Mending Mikayla

It’s a very stereotypical Canadian thing to brag about our healthcare system. Our public healthcare is something we’ve lorded over our neighbours to the south for quite some time and many an essay has cited universal healthcare as a part of the Canadian identity.

So, what happens when that vaunted system fails you?

What do you do when the care you need is not available in Canada and Alberta Health may or may not cover the costs to receive treatment elsewhere?

What would you do if it were your child in need of that care?

The simple answer is you do whatever you can to get her the help she needs. The not so simple answer is try to wade through a mess of red tape and bureaucracy to apply for funding, while simultaneously trying to find a way to pay a $210,000 surgery bill.

This is the problem that Wetaskiwin’s Curran family is facing as they try to raise money so 11-year-old Mikayla can receive the brain surgery she needs to relieve the painful symptoms caused by a pineal gland cyst.

Mikayla’s symptoms appeared a year ago. An honour roll student at Norwood School and a keen swimmer, Mikayla is no longer able to participate in the activities she loves most, due to a nasty list of symptoms, including daily headaches, sporadic double vision, sporadic loss of vision, fatigue, anxiety, trouble concentrating, extreme mood swings, and ringing in her ears.

“What we’ve found in our research is that lots of people have pineal cyst, small ones, and very seldom do they cause problems,” explained Mikayla’s father, Sheldon.

“Size doesn’t necessarily correlate to symptoms, but generally the bigger it is, the more problems it causes because it’s taking up space that shouldn’t have anything in it.”

When Mikayla first experienced a loss of vision, her parents took her to Stollery Children’s Hospital in Edmonton. An MRI scan revealed a 15mm pineal cyst deep in her brain.

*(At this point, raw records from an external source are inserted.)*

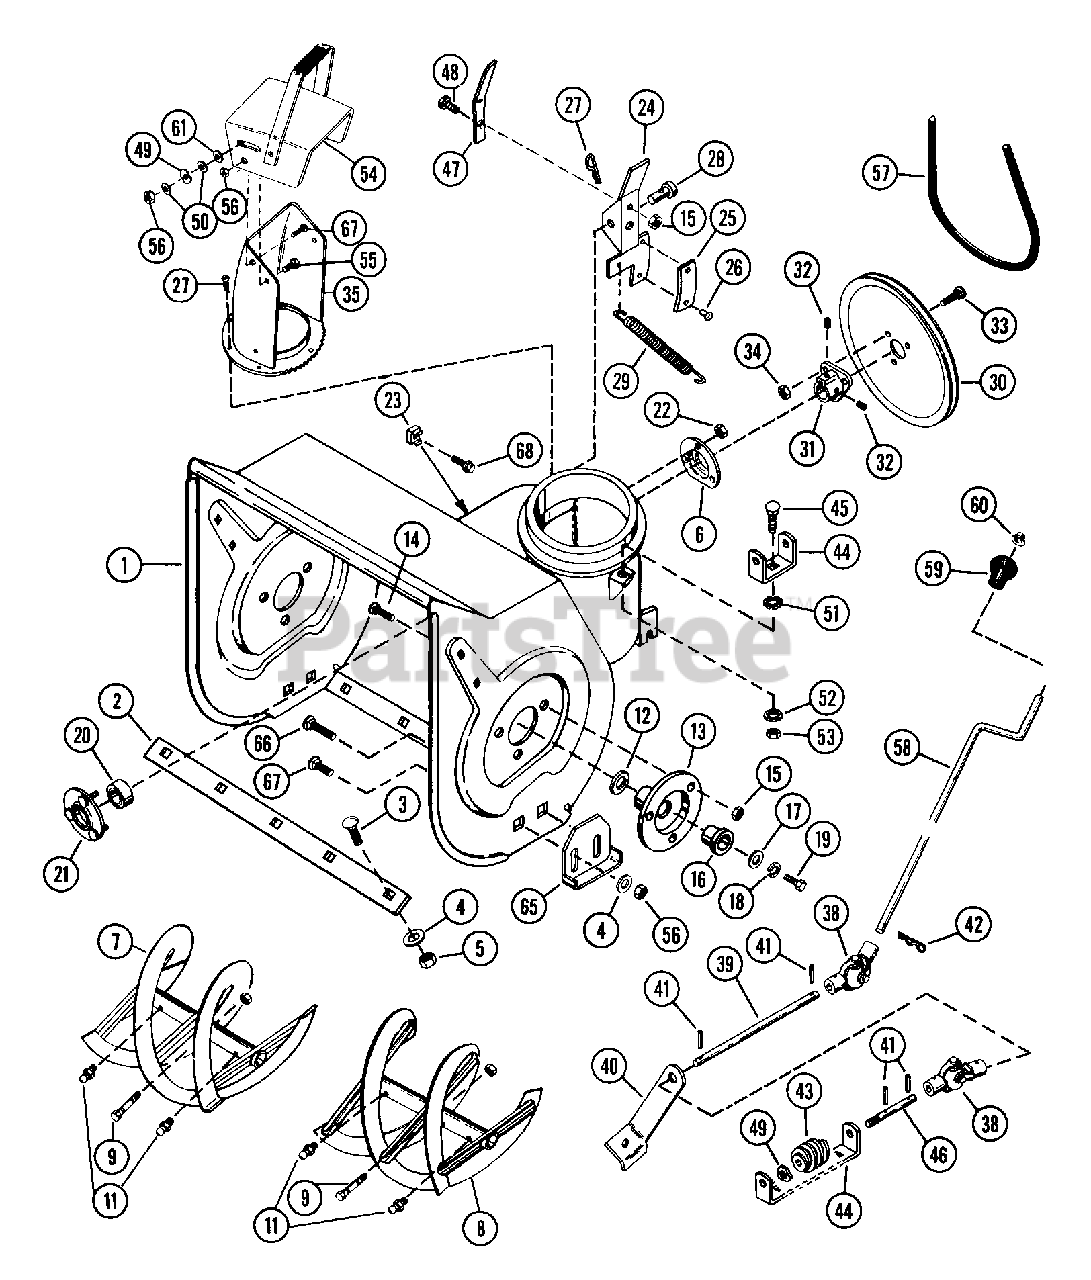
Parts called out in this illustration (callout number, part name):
1	BLOWER HOUSING W/DECALS 32
2	SCRAPER BLADE 32"
3	BLT-RDHDSQNK .312-18X.62 PL
4	WSHR-FL-STL .38X.875X.083 PL
5	NUT-LK .312-18 GR A PL
6	BEARING FLANGE
7	RAKE, RIGHT-32"(1ID X 15.75OD)
8	RAKE, LEFT-32"(1"ID X 15.75OD)
9	SHEAR BOLT SERVICE ASSEMBLY
11	SPIN DRIVE ZERK FITTING
12	WSHR-FL-STL 1.010X1.505X.062PL
13	BEARING SUPPORT
14	BLT-SERNK SL .25-20X.50 PL
15	NUT-LK-FLG .250-20 PL
16	BSHG-FLG 1.000X1.12X.62X1.50BR
17	WSHR-FL-STL .511X1.441X.125 PL
18	WSHR-LK .500X.151 HVY PL
19	BLT-HEX .50-13X1.00 PL GR2
20	BRG-BALL 1.0X2.0X.56
21	BEARING FLANGE
22	NUT-LK-CTR .250-20 PL
23	NUT-RETNR .38-16 TINRMAN
24	BRAKE ARM ASSEMBLY
25	BRAKE LINING
26	RVT-TBLR .187X.437 RH ST PL
27	PIN-HAIR INT .06X.18X.77
28	PIN-CLEV .371X1.16 YWZC
29	SG-TENS .062X.56X8.0 WLD 11
30	PLY-V 9.0 X 1.25 3BLT
32	SCR-SET .32-18X.38 SKHCUPNL OH
33	BLT-SERRDHD SL .31-18X.87 PL
34	NUT-FLG. .312-18 PL
35	DISCHARGE CHUTE
36	CHUTE CLAMP
37	SCR-TAP 10-24X.375 HWH PL TR
38	UNIVERSAL JOINT ASSY
40	CHUTE CRANK BRACKET
41	PIN-ROLL .125X.75
42	PIN-HAIR INT .08X.38X1.42 YWZC
43	WORM GEAR L.H.
44	WORM CLEVIS
45	BLT-RDHDSQNK .31-18X.75 GR5 PL
46	WORM SHAFT
48	BLT-HEX .25-20X.50 PL GR2
49	WAVE WASHER .390X.655X.110
50	WSHR-FL-STL.406X.812X.065PL
51	WSHR-LK-EXT .375X.035 PL
52	WSHR-LK .313X.062
53	NUT-HEX .312-18
54	DEFLECTOR W/ DECAL
55	BLT-HEX .38-16X.75 PL GR2
56	NUT-LK-CTR .375-16 GR A PL
57	V-BELT, 4L-RAW EDGE
58	CHUTE CONTROL CRANK
60	CAP, 3/8 ROD YWZC
61	WSHR-PLASTIC .390X.875X.062
65	RUNNER - SKID SHOE
66	BLT-RDHDSQSHNK .38-16X1.00 PL
67	BLT-RDHDSQNK .38-16X.75 SHT PL
68	BLT-SCRHFWH .38-16X.75 PL

Tragically, the Currans have been toldby a number of specialists that the only procedure available to remove the cyst in Canada is invasive and too dangerous. In the meantime, Mikayla has been trying to manage her symptoms, seeing various doctors, from neurosurgeons to psychologists, and each trying to pass the buck on to another specialty.

“It was like a vicious circle,” recalled her mother, Angela. “Nobody’s taking ownership. Nobody’s taken us on and said ‘we can’t do it here, but let’s send her somewhere where they can help.’ “

“She can’t keep living like this. She’s crying and saying ‘mom, please help me.’ It’s been a year of hell.”

Enter Dr. Dong Kim, chief of neurosurgery at University of Texas Hospital.

"He said ‘I absolutely, 100 per cent think I can help you and my office will do everything they can to make that happen,'" said Sheldon.

“It’s reassuring that after a whole year of doing this round-and-round and all the mounting frustrations because of our systems to finally have someone say ‘yes we’re going to help you.’ It’s incredible.”

“The surgeon has done operations on adults with cysts a quarter of the size [of Mikayla’s],” added Angela. “He was quite surprised and couldn’t believe that they don’t do that [surgery] in Canada.”

Dr. Kim routinely performs surgeries to remove pineal cysts and is confident that there is a greater than 95 per cent chance that Mikayla will come out of surgery completely symptom free. She will be heading south in June to receive the treatment.

The only caveat: the surgery itself will cost $210,000 plus the associated costs of travel and living in Texas for three weeks while Mikayla recuperates.

The Currans have begun the long process of applying for funding from Alberta Health, but aren’t holding their breath for results; they know of least two other Alberta cases of symptomatic pineal cysts whom the province has declined funding.

The family has reached out to the global community via the Internet to ask for help.

“It’s the hardest thing to ask for help, but when it’s your child you do what you have to,” said Sheldon.

“We’ve never been on this side before. Being a business owner, I was always the one doing the donating and not really thinking about it. Now, being on the other side of the fence, it’s very humbling.”

The fundraising efforts have only been going on for the last week, but the Currans said the response they’ve received has been overwhelming.

“The whole community has been amazing,” said Angela. “Not just friends and family, but complete strangers.”

For Mikayla, she’s a bit scared for the upcoming surgery, but is looking forward to being healthy again and having her life get back to normal.

“[I want] to swim, I miss being with my friends,” she whispered.

(note: the Currans were able to fundraise well over the needed $210,000. Excess monies were donated back into the community.)